Gus Yusuf mengungkapkan belum lama ini ada warga yang sampai menyampaikan melalui pesan Whatsap (WA) dari warga yang meminta beras, karena dia bersama keluarga sudah kehabisan beras.

“Gus apakah ada beras?? Saya minta tolong hari ini untuk keluarga saya. Saya yakin yang seperti ini masih ribuan. Kalau yang di desa-desa saya yakin masih bisa tertolong. Tetapi untuk yang tinggal di perkotaan yang tidak terdaftar di RT/RW banyak yang tidak mendapat bantuan dari pemerintah. Untuk itu kepada Polri saya minta agar melakukan Cyber terhadap mereka,” ungkap Gus Yusuf.

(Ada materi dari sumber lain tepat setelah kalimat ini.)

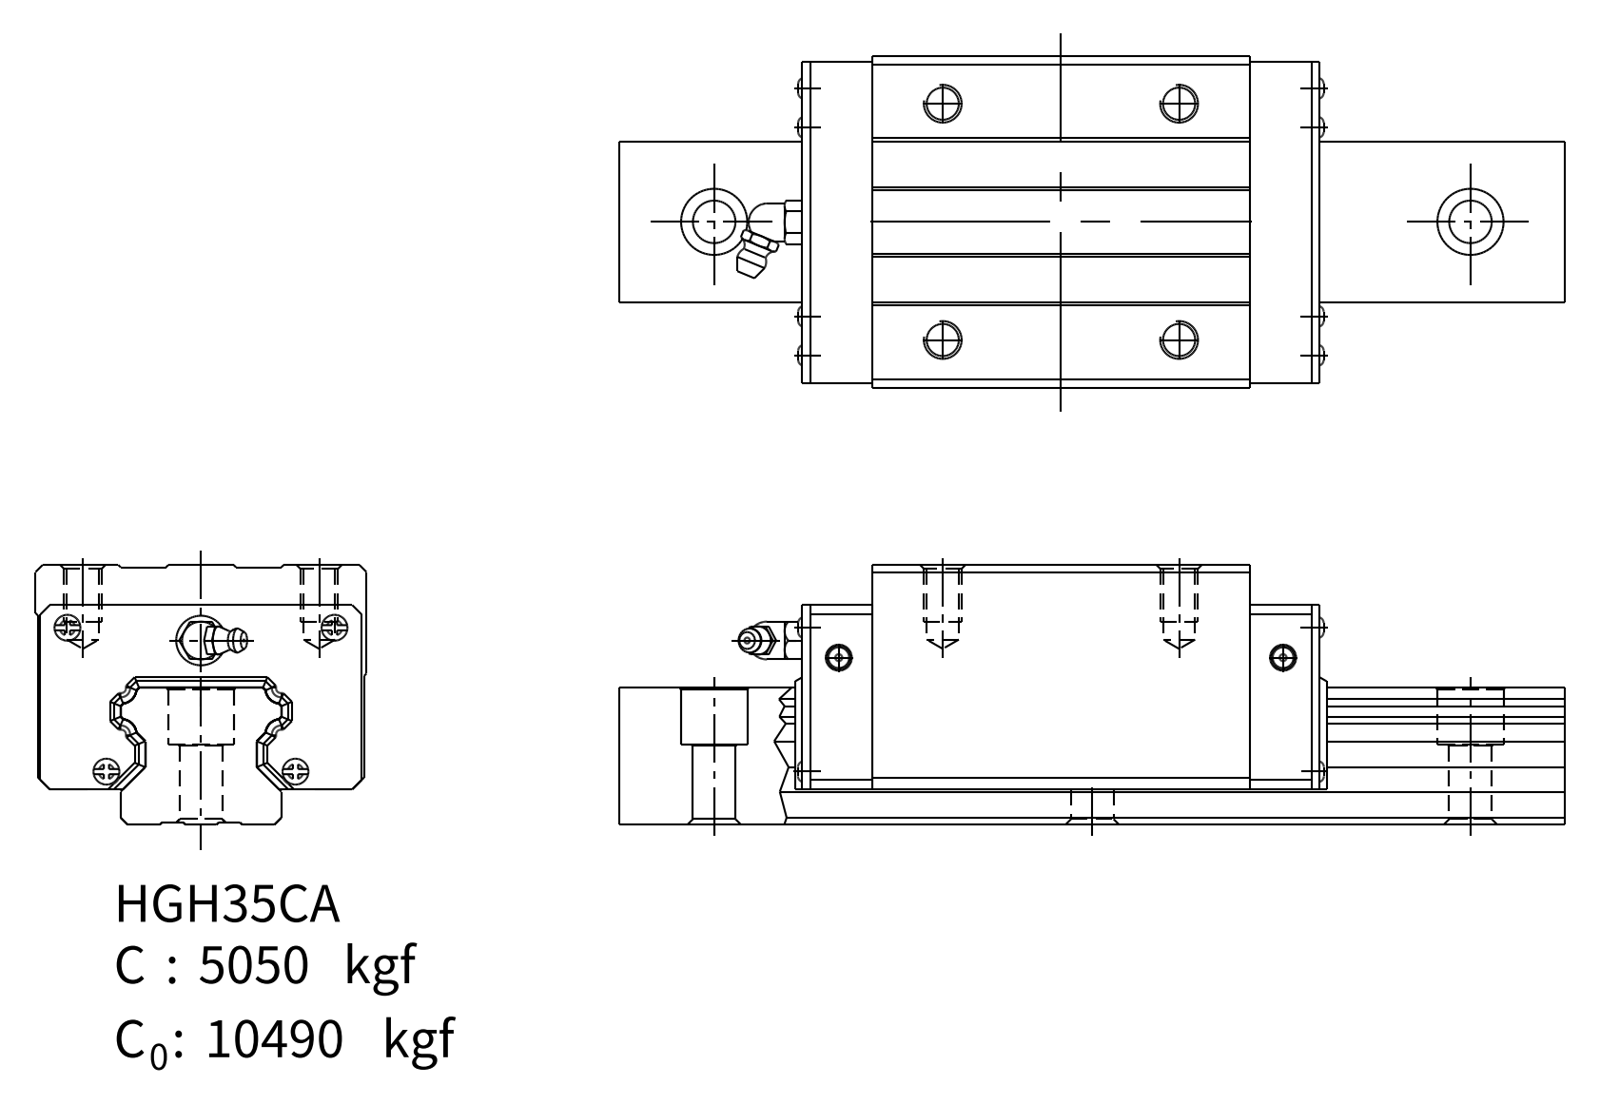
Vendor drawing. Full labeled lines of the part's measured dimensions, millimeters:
Part name (STEP PRODUCT): HGH35CA
STEP written by: SolidWorks 2006104 (CONFIG_CONTROL_DESIGN)
Units: millimetres
Bodies: 1 solid, 373 faces (297 planar, 16 cylindrical, 60 other)
Overall size (bounding box): 112.7 × 70 × 47.5
Volume: 278 307 mm³ · Surface area: 37 362 mm²
Round holes (diameter × count): ⌀8 ×4
Partial cylindrical surfaces — rounded edges, fillets, slot ends (radius × count): R1.2 ×4, R3.25 ×4
Main face-to-face distances: 0.5, 47.5, 21.5, 26, 69.5, 112.4, 69, 39.05, 17.55, 8.45
Hole centre spacings: 50, 70.71
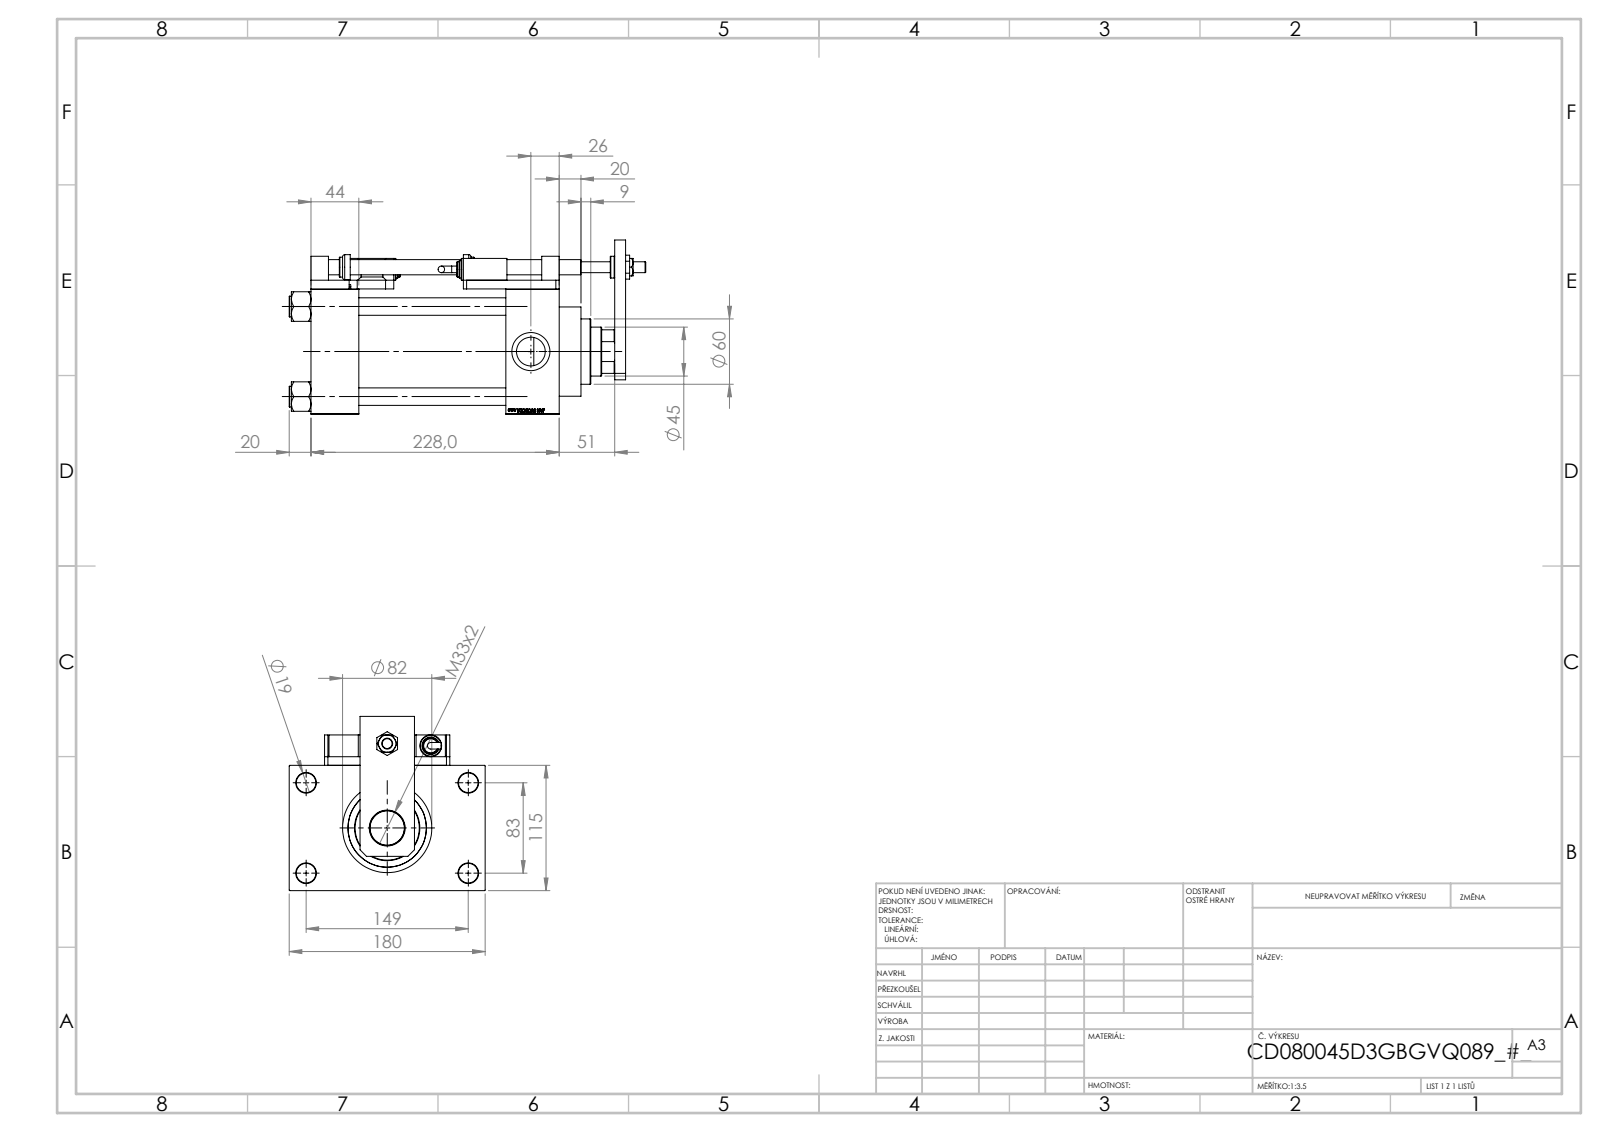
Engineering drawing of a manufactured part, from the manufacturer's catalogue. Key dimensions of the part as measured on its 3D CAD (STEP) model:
Part name (STEP PRODUCT): V215CD_SWITCH_Q_ZARAZKA; V215CD_D_Body; V215CD_SWITCH_Q_NUT10; V215CD_VCP_D (+7 more)
STEP written by: SolidWorks 2019 (CONFIG_CONTROL_DESIGN)
Units: millimetres
Bodies: 26 solids, 1480 faces (714 planar, 167 cylindrical, 599 other)
Overall size (bounding box): 327.5 × 180 × 160
Volume: 2 512 000 mm³ · Surface area: 462 514 mm²
Round holes (diameter × count): ⌀8.5 ×4, ⌀13.5 ×4, ⌀16 ×4, ⌀18 ×4, ⌀26.44 ×4, ⌀35 ×4, ⌀7 ×3, ⌀10 ×1, ⌀14 ×1, ⌀31.5 ×1, ⌀33 ×1, ⌀45 ×1
Round bosses / shafts (diameter × count): ⌀19 ×4, ⌀20 ×3, ⌀16 ×2, ⌀14 ×2, ⌀6 ×2, ⌀86 ×1, ⌀82 ×1, ⌀60 ×1
Partial cylindrical surfaces — rounded edges, fillets, slot ends (radius × count): R7.5 ×4, R22 ×1
Main face-to-face distances: 115, 8, 49, 44, 184, 228, 179, 135, 123, 32.5
Hole centre spacings: 33.15, 58.48, 82.7, 85.28, 89.24, 115.85, 142.43, 21.26

Pihaknya juga menyampaikan rasa terimakasih kepada pemerintah dalam hal ini melalui Polda Jateng dan TNI yang sudah memberikan bantuan berupa beras kepada masyarakat terdampak dari Covid-19 dan PPKM Darurat.

“Bantuan ini menjadi sangat penting di saat masyarakat mengikuti dan taat terhadap PPKM, pembatasan bekerja, pembatasan mobilitas, tentu banyak masyarakat yang terdampak. Jika kebutuhan tercukupi maka masyarakat tidak keluar rumah. Dengan bantuan ini semoga bisa mencukupi dan bisa menekan penyebaran Covid-19. Jika masyarakat lapar maka imunitas turun dan stress sehingga mudah terkena Covid,” ujar Gus Yusuf.

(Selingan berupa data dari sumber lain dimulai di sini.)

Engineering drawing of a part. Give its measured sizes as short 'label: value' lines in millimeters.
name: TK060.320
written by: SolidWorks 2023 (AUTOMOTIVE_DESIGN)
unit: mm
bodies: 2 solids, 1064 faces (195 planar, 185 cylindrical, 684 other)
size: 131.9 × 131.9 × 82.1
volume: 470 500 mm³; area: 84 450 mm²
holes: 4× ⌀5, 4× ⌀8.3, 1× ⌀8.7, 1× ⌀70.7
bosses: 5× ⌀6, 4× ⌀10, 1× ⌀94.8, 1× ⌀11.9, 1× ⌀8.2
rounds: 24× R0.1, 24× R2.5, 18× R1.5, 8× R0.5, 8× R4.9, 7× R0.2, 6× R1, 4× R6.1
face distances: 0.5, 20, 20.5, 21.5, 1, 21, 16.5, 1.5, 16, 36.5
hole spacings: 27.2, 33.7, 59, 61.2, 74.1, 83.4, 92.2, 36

Sementara Irwasda Polda Jateng Kombes Pol. Mashudi,S.I.K. SH.M.Hum, didampingi Kabidhumas Polda Jateng Kombes Pol. M.Iqbal Alqudusy, SH, S.I.K, M.Si, mengatakan sebagai akibat dari adanya PPKM Darurat berdampak pada ekonomi di masyaraka terutama kepada para pekerja informal.386 ton beras yang sudah dibagikan melalui Polres se Jawa tengah. Dan pada hari ini Polda Jawa tengah bersama TNI memberikan bantuan ke masyarakat dan Ponpes API Tegalrejo sebanyak 7,5  ton beras dan sembako.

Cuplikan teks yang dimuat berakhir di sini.